But I sometimes find myself on cruises — my father likes them, and I like my father, and there are worse ways to spend a week than snoozing through another sunny afternoon while an oversized Piña Colada melts on the table beside you. So it was I found myself on a cruise to the Panama canal in mid-November 2016, among members of my extended family, some of whom had voted Republican that year. I recall one of our stops being canceled, owing to a hurricane. It was a weird trip.

I tried to make the best of it, so when we stopped at the Grand Caymans I signed up for one of the excursions, where you’d swim with sting rays and then spend a couple hours on the beach. And the swimming with rays was a lot of fun; we took a boat out to a sandbar in the middle of the ocean where they congregated and they swarmed all around, brushing past your legs and sometimes hopping up on your back in their excitement.

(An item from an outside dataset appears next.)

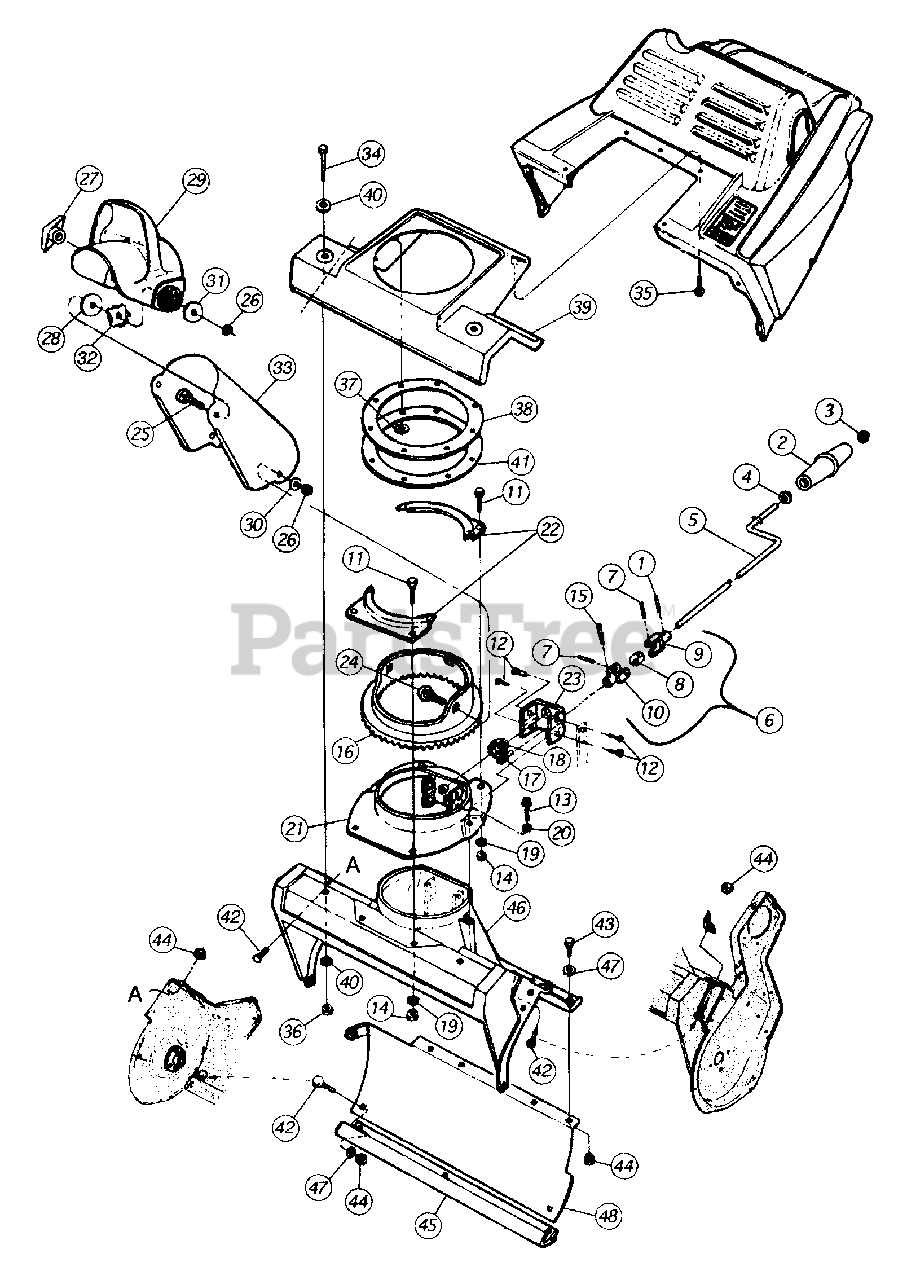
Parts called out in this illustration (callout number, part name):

Then we went to the beach, and that was the revelation. Beautifully white sand all the way from one end of the island to the other. The water was an impossible blue, deeper and brighter than a cloudless day, and you could see clear down to the bottom of the seafloor. The beach had the usual ramshackle bar and umbrellas and overpriced Mudslides — I had two — but in its heart it was the tropical paradise I had been promised forever. It was every sunny “Wish You Were Here” postcard ever published. It was where the cool kids hung out in every tropical Hollywood comedy in the ’80s. As a rule, I still don’t like beaches. That beach proved, once again, there’s always an exception.